> [WHAT THE TASK REQUIRES]:
Reproduce, from the lines below, exactly the stretch that begins at the line containing "In plain terms, the" and ends at the line containing "#1576 = LINE( '', #1907, #1908 );", both included.

----------

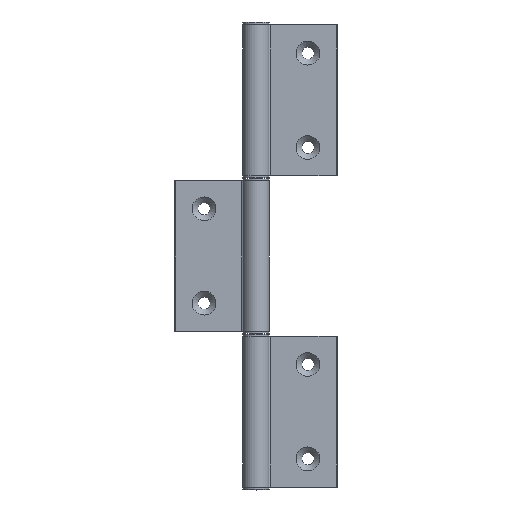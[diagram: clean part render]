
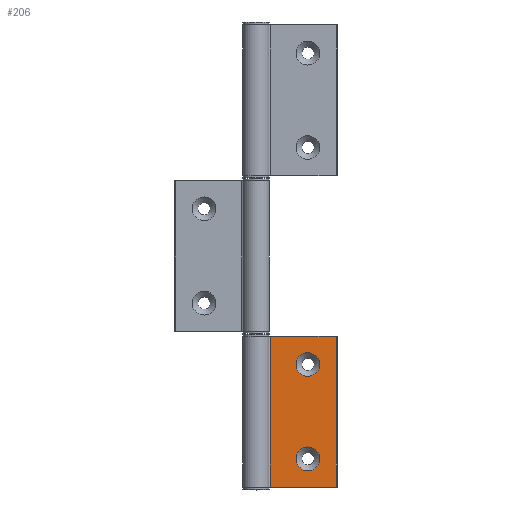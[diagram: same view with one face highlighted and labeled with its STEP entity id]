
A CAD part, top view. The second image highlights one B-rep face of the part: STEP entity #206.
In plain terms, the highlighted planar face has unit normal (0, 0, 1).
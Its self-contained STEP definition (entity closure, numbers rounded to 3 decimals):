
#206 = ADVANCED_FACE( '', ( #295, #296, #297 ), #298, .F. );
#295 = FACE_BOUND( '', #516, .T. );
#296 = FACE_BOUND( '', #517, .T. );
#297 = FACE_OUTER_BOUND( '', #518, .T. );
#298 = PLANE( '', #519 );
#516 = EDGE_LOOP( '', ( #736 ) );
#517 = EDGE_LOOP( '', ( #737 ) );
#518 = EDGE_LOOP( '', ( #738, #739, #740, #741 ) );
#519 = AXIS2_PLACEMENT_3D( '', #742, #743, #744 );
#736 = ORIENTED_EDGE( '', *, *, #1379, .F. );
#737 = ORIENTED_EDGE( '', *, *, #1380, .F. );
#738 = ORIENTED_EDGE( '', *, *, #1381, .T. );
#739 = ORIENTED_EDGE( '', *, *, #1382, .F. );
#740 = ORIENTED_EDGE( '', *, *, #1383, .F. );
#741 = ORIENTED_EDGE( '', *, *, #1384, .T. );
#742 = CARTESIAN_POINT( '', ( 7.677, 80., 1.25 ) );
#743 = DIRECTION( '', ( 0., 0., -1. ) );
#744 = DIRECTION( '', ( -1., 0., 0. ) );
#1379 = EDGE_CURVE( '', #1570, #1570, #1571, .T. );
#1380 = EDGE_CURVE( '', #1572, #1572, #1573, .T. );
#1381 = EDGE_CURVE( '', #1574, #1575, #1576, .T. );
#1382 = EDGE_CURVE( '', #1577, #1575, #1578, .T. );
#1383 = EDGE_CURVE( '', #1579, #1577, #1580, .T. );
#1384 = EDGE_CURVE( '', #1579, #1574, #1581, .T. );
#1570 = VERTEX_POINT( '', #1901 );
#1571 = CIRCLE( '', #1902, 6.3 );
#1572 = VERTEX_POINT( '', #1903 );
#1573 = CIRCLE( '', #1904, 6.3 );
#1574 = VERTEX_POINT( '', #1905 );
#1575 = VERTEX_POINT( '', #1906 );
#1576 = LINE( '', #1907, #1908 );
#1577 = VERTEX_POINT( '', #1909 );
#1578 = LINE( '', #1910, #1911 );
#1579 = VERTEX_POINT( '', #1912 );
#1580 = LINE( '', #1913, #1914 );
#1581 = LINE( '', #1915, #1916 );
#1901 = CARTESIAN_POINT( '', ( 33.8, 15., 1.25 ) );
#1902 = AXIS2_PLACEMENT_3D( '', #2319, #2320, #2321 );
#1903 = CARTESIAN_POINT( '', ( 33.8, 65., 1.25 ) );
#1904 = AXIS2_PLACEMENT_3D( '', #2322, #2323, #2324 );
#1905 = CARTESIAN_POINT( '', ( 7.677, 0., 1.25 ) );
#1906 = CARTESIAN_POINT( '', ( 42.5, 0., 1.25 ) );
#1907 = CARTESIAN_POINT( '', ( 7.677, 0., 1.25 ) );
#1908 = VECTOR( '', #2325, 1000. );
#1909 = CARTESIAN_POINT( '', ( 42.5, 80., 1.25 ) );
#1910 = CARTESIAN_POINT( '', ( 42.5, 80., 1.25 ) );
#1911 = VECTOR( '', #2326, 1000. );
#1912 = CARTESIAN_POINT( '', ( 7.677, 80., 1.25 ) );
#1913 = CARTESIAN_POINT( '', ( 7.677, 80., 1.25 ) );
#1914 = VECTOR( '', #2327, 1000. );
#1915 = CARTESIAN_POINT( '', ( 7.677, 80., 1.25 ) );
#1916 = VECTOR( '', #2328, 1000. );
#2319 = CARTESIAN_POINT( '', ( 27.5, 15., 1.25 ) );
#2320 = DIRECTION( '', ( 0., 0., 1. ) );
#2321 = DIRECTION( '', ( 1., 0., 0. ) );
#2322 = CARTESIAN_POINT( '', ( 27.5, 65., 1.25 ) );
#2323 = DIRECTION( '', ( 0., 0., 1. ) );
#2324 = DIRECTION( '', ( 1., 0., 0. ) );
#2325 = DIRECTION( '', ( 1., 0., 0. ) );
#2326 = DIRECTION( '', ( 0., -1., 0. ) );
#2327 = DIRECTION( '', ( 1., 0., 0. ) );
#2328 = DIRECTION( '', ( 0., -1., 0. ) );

----------

> [SOLUTION FOR THIS TASK]:
In plain terms, the highlighted planar face has unit normal (0, 0, 1).
Its self-contained STEP definition (entity closure, numbers rounded to 3 decimals):
#206 = ADVANCED_FACE( '', ( #295, #296, #297 ), #298, .F. );
#295 = FACE_BOUND( '', #516, .T. );
#296 = FACE_BOUND( '', #517, .T. );
#297 = FACE_OUTER_BOUND( '', #518, .T. );
#298 = PLANE( '', #519 );
#516 = EDGE_LOOP( '', ( #736 ) );
#517 = EDGE_LOOP( '', ( #737 ) );
#518 = EDGE_LOOP( '', ( #738, #739, #740, #741 ) );
#519 = AXIS2_PLACEMENT_3D( '', #742, #743, #744 );
#736 = ORIENTED_EDGE( '', *, *, #1379, .F. );
#737 = ORIENTED_EDGE( '', *, *, #1380, .F. );
#738 = ORIENTED_EDGE( '', *, *, #1381, .T. );
#739 = ORIENTED_EDGE( '', *, *, #1382, .F. );
#740 = ORIENTED_EDGE( '', *, *, #1383, .F. );
#741 = ORIENTED_EDGE( '', *, *, #1384, .T. );
#742 = CARTESIAN_POINT( '', ( 7.677, 80., 1.25 ) );
#743 = DIRECTION( '', ( 0., 0., -1. ) );
#744 = DIRECTION( '', ( -1., 0., 0. ) );
#1379 = EDGE_CURVE( '', #1570, #1570, #1571, .T. );
#1380 = EDGE_CURVE( '', #1572, #1572, #1573, .T. );
#1381 = EDGE_CURVE( '', #1574, #1575, #1576, .T. );
#1382 = EDGE_CURVE( '', #1577, #1575, #1578, .T. );
#1383 = EDGE_CURVE( '', #1579, #1577, #1580, .T. );
#1384 = EDGE_CURVE( '', #1579, #1574, #1581, .T. );
#1570 = VERTEX_POINT( '', #1901 );
#1571 = CIRCLE( '', #1902, 6.3 );
#1572 = VERTEX_POINT( '', #1903 );
#1573 = CIRCLE( '', #1904, 6.3 );
#1574 = VERTEX_POINT( '', #1905 );
#1575 = VERTEX_POINT( '', #1906 );
#1576 = LINE( '', #1907, #1908 );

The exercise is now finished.